Many financial advisors recommend that their clients make powers of attorney for property and personal care, and so are drawn into discussions about end-of-life care. Many of those discussions will now include Canada's proposed "Medical Assistance in Dying" legislation. The debate over the adequacy of the law on assisted dying is causing people to become confused about the law governing end-of-life treatment. The federal law on assisted dying is quite literally up for debate: Ontario's law about end-of-life treatment is settled and clear. Mentally capable people have the right to refuse life sustaining treatment.

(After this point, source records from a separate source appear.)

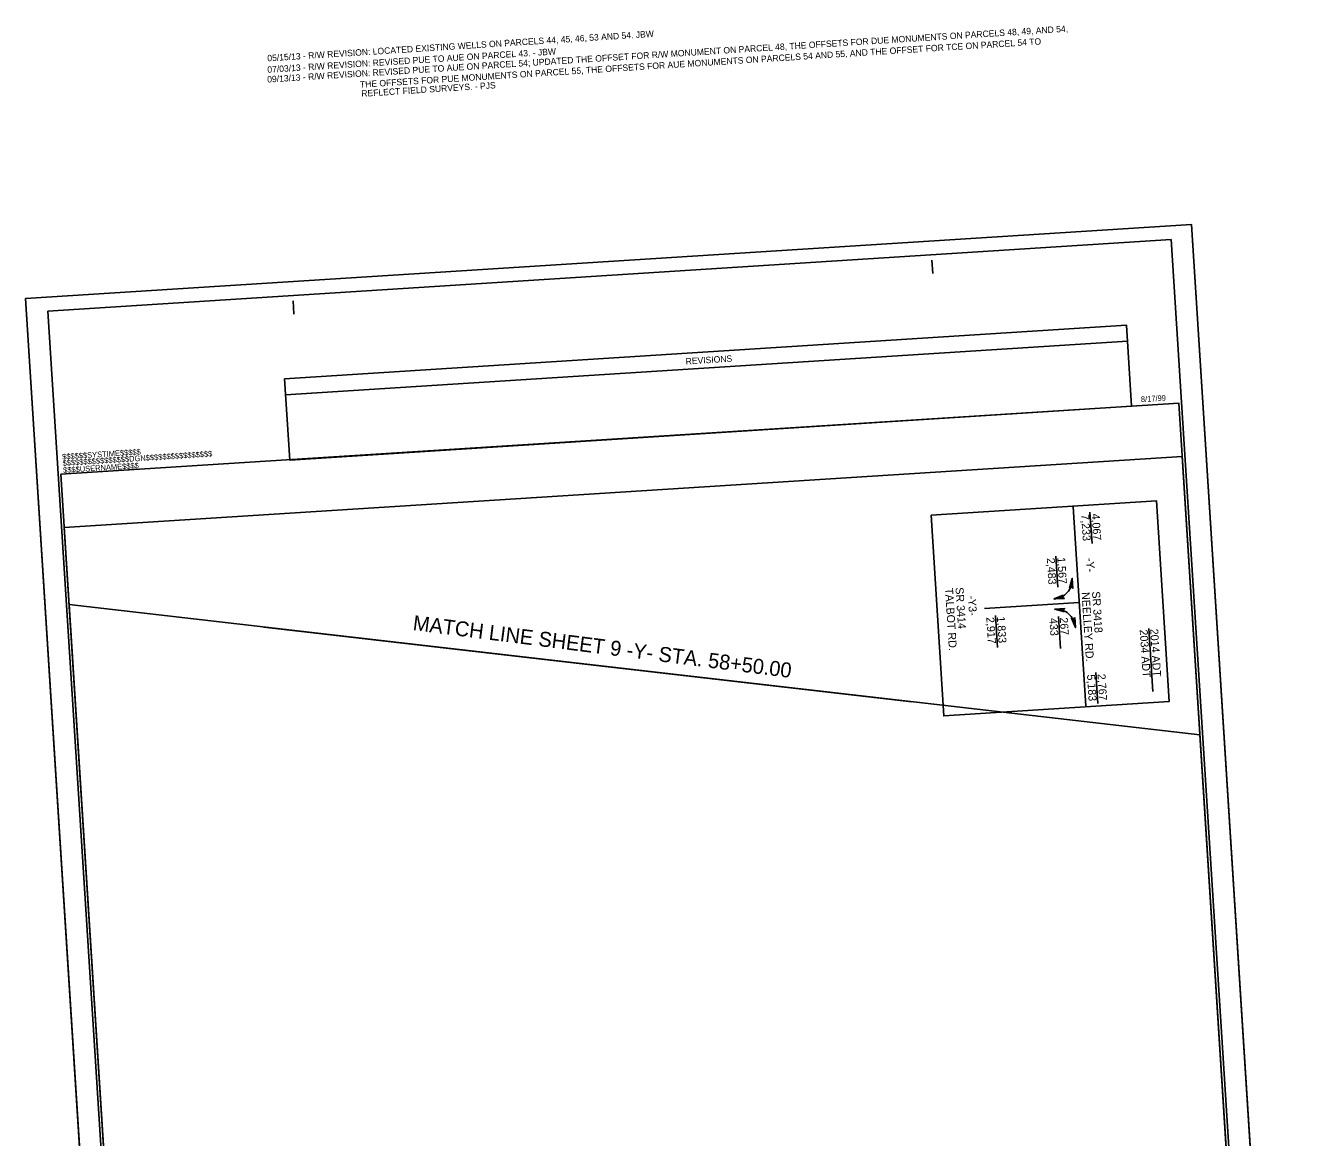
# Model space of a CAD drawing. Extents: x 1780418 to 1781618, y 810313 to 812397.
# Drawn here: x 1780418 to 1781618, y 811355 to 812397 of the extents above; entities that cross this region are included whole.
import ezdxf

# ---------------------------------------------------------------- set-up
doc = ezdxf.new("R2010")
doc.units = 0
for name, color, linetype in [('Prop Easement Aerial Utility', 7, 'Continuous'), ('Prop Easement Construction', 7, 'Continuous'), ('Prop Easement Construction Station Offsets', 7, 'Continuous'), ('Prop Easement Permanent Utility', 7, 'Continuous'), ('Prop Easement Permanent Utility Station Offsets', 7, 'Continuous'), ('Prop Easement Temporary Drainage', 7, 'Continuous'), ('Prop Easement Temporary Utility', 7, 'Continuous'), ('Prop Easement Temporary Utility Station Offsets', 7, 'Continuous'), ('Prop ROW CA Lines', 7, 'Continuous'), ('Prop ROW Marker CELL', 7, 'Continuous'), ('Prop ROW Station Offsets', 7, 'Continuous')]:
    doc.layers.add(name, color=color, linetype=linetype)

msp = doc.modelspace()

# ---------------------------------------------------------------- linework, layer by layer
at = {"layer": 'Prop Easement Aerial Utility'}
for p, q in [((1781511, 812211), (1780418.2, 812141.5)), ((1781617.8, 810530.9), (1781511, 812211)), ((1780418.2, 812141.5), (1780525, 810461.4))]:
    msp.add_line(p, q, dxfattribs=at)
at = {"layer": 'Prop Easement Construction'}
msp.add_line((1780662, 812051.2), (1781451, 812101.4), dxfattribs=at)
msp.add_lwpolyline([(1780661, 812066.1), (1781450, 812116.6), (1781454.9, 812040.6), (1780665.9, 811990.1)], close=True, dxfattribs=at)
at = {"layer": 'Prop Easement Permanent Utility'}
msp.add_lwpolyline([(1780454.4, 811926.9), (1780543.2, 810529.7), (1781380.1, 810582.9), (1781368.1, 810771.8), (1781579.1, 810785.2), (1781502.3, 811993.5)], close=True, dxfattribs=at)
at = {"layer": 'Prop Easement Permanent Utility Station Offsets'}
for p, q in [((1781412, 811759.6), (1781400, 811946.3)), ((1781415.9, 811941.1), (1781417.8, 811912)), ((1781383.9, 811900), (1781385.8, 811871)), ((1781317, 811850.8), (1781405.8, 811856.5)), ((1781327.2, 811844.5), (1781329.2, 811814.4)), ((1781386.3, 811843.6), (1781388.3, 811813.4)), ((1781471, 811832.1), (1781474.8, 811773)), ((1781421.4, 811790.9), (1781423.3, 811761.8))]:
    msp.add_line(p, q, dxfattribs=at)
for points in [[(1781266.9, 811938.5), (1781478.2, 811951.9), (1781490.1, 811763.7), (1781278.9, 811750.3)], [(1781399.9, 811869.8), (1781399.2, 811879.2), (1781396.7, 811870.1), (1781398.5, 811871.1)], [(1781390.9, 811863.4), (1781382.2, 811859.9), (1781391.7, 811860.2), (1781390.1, 811861.6)], [(1781391.9, 811847.9), (1781382.8, 811850.3), (1781392.2, 811851.1), (1781390.9, 811849.5)], [(1781401.7, 811842.5), (1781402.2, 811833.1), (1781398.5, 811841.8), (1781400.4, 811841)]]:
    msp.add_lwpolyline(points, close=True, dxfattribs=at)
for centre, start, end in [((1781381.1, 811878), 318.0413, 2.3931), ((1781381.1, 811878), 273.6894, 318.0413), ((1781384, 811832.2), 49.3353, 93.6872), ((1781384, 811832.2), 4.9834, 49.3353)]:
    msp.add_arc(centre, 18.2, start, end, dxfattribs=at)
at = {"layer": 'Prop Easement Temporary Drainage'}
for p, q in [((1781267.7, 812177.5), (1781268.5, 812165)), ((1780668.9, 812139.4), (1780669.7, 812126.9)), ((1781499.2, 812043.4), (1781499.2, 812043.4)), ((1780451.3, 811976.8), (1780451.3, 811976.8))]:
    msp.add_line(p, q, dxfattribs=at)
for points in [[(1781594.3, 810546.4), (1781499.2, 812043.4), (1780451.3, 811976.8), (1780546.4, 810479.8)], [(1780451.3, 811976.8), (1781499.1, 812043.4), (1781581.6, 810746.1), (1781431.9, 810736.5), (1781444.5, 810536.9), (1780546.4, 810479.8)]]:
    msp.add_lwpolyline(points, close=True, dxfattribs=at)
at = {"layer": 'Prop Easement Temporary Utility'}
msp.add_lwpolyline([(1781499.1, 812043.4), (1780451.3, 811976.8), (1780546.4, 810479.8), (1781383.2, 810533), (1781368.1, 810771.8), (1781579.1, 810785.2)], close=True, dxfattribs=at)
at = {"layer": 'Prop Easement Temporary Utility Station Offsets'}
msp.add_line((1780641.6, 811833.6), (1781248.8, 811763.6), dxfattribs=at)
at = {"layer": 'Prop ROW CA Lines'}
msp.add_lwpolyline([(1780418.2, 812141.5), (1780525, 810461.4), (1781617.8, 810530.9), (1781511, 812211)], close=True, dxfattribs=at)
at = {"layer": 'Prop ROW Marker CELL'}
msp.add_lwpolyline([(1781518.9, 811732.4), (1780459, 811854.7), (1780543.2, 810529.7), (1781420.7, 810585.5), (1781408.7, 810774.4), (1781579.1, 810785.2)], close=True, dxfattribs=at)
at = {"layer": 'Prop ROW Station Offsets'}
msp.add_lwpolyline([(1780439, 812129.8), (1780544.7, 810467.2), (1781597.6, 810534.1), (1781491.9, 812196.7)], close=True, dxfattribs=at)

# ---------------------------------------------------------------- texts
at = {"layer": 'Prop Easement Construction'}
for s, rotation, p in [('09/13/13 - R/W REVISION: REVISED PUE TO AUE ON PARCEL 54; UPDATED THE OFFSET FOR R/W MONUMENT ON PARCEL 48, THE OFFSETS FOR DUE MONUMENTS ON PARCELS 48, 49, AND 54,', 3.6364, (1780644.9, 812343.9)), ('05/15/13 - R/W REVISION: LOCATED EXISTING WELLS ON PARCELS 44, 45, 46, 53 AND 54. JBW ', 3.6364, (1780645, 812363.8)), ('THE OFFSETS FOR PUE MONUMENTS ON PARCEL 55, THE OFFSETS FOR AUE MONUMENTS ON PARCELS 54 AND 55, AND THE OFFSET FOR TCE ON PARCEL 54 TO', 3.6364, (1780731.8, 812339.1)), ('07/03/13 - R/W REVISION: REVISED PUE TO AUE ON PARCEL 43. - JBW', 3.6364, (1780645, 812353.1)), ('REFLECT FIELD SURVEYS. - PJS', 3.6364, (1780733.1, 812330.6)), ('REVISIONS', 3.6363, (1781037.1, 812079.6))]:
    msp.add_text(s, height=6, rotation=rotation, dxfattribs=at).set_placement(p)
at = {"layer": 'Prop Easement Construction Station Offsets'}
msp.add_text('MATCH LINE SHEET 9 -Y- STA. 58+50.00', height=14, rotation=352.7698, dxfattribs=at).set_placement((1780780.7, 811830.8))
at = {"layer": 'Prop Easement Permanent Utility Station Offsets'}
for s, rotation, p in [('4,067', 273.6365, (1781417.4, 811939.7)), ('7,233', 273.6365, (1781407.6, 811939.1)), ('2,483', 273.6365, (1781375.4, 811898.2)), ('1,567', 273.6365, (1781385.2, 811898.8)), ('-Y-', 274.1622, (1781412, 811898.1)), ('TALBOT RD.', 273.6365, (1781280, 811870)), ('SR 3414', 273.6365, (1781289.8, 811870.6)), ('-Y3-', 273.468, (1781301.4, 811863)), ('NEELLEY RD.', 273.6884, (1781408, 811866.1)), ('SR 3418', 273.6884, (1781417.8, 811866.8)), ('2,917', 273.6365, (1781318.7, 811842.7)), ('1,833', 273.6365, (1781328.6, 811843.3)), ('433', 273.6365, (1781377.8, 811841.8)), ('267', 273.6365, (1781387.6, 811842.4)), (' 2034 ADT', 273.6365, (1781462.3, 811833.8)), (' 2014 ADT', 273.6365, (1781472.1, 811834.5)), ('5,183', 273.6365, (1781413.1, 811788.9)), ('2,767', 273.6365, (1781422.9, 811789.5))]:
    msp.add_text(s, height=7.5, rotation=rotation, dxfattribs=at).set_placement(p)
at = {"layer": 'Prop Easement Temporary Drainage'}
for s, p in [('8/17/99', (1781463.8, 812044.4)), ('$$$$$$SYSTIME$$$$$', (1780452.7, 811990.6)), ('$$$$$$$$$$$$$$$$DGN$$$$$$$$$$$$$$$$', (1780453.1, 811984.6)), ('$$$$USERNAME$$$$', (1780453.6, 811978))]:
    msp.add_text(s, height=5.25, rotation=3.6363, dxfattribs=at).set_placement(p)

doc.saveas('drawing.dxf')

People over age 16 can, in advance of need, express legally binding decisions to refuse life sustaining treatment. "Advance wishes" are often incorporated in "Powers of Attorney for Personal Care." These powers can be used to appoint an Attorney to make treatment decisions if the maker of the power becomes mentally incapable AND to express legally binding advance wishes on consent to or refusal of particular treatments.
The take away lessons are:
- Mentally capable people have the right to refuse life sustaining treatment.
- People over 16 can express legally binding advance wishes regarding treatment acceptance or refusal in a power of attorney for personal care.
- People should openly discuss their advance wishes with their attorneys for personal care. They should also make sure that the attorney can be found quickly in an emergency and has access to the power of attorney document.
- As currently drafted the proposed amendments to the Criminal Code do not allow people to empower an attorney to consent to assisted death on their behalf. Whether people should be allowed to do so is contentious, and the law could change as it is debated in Parliament.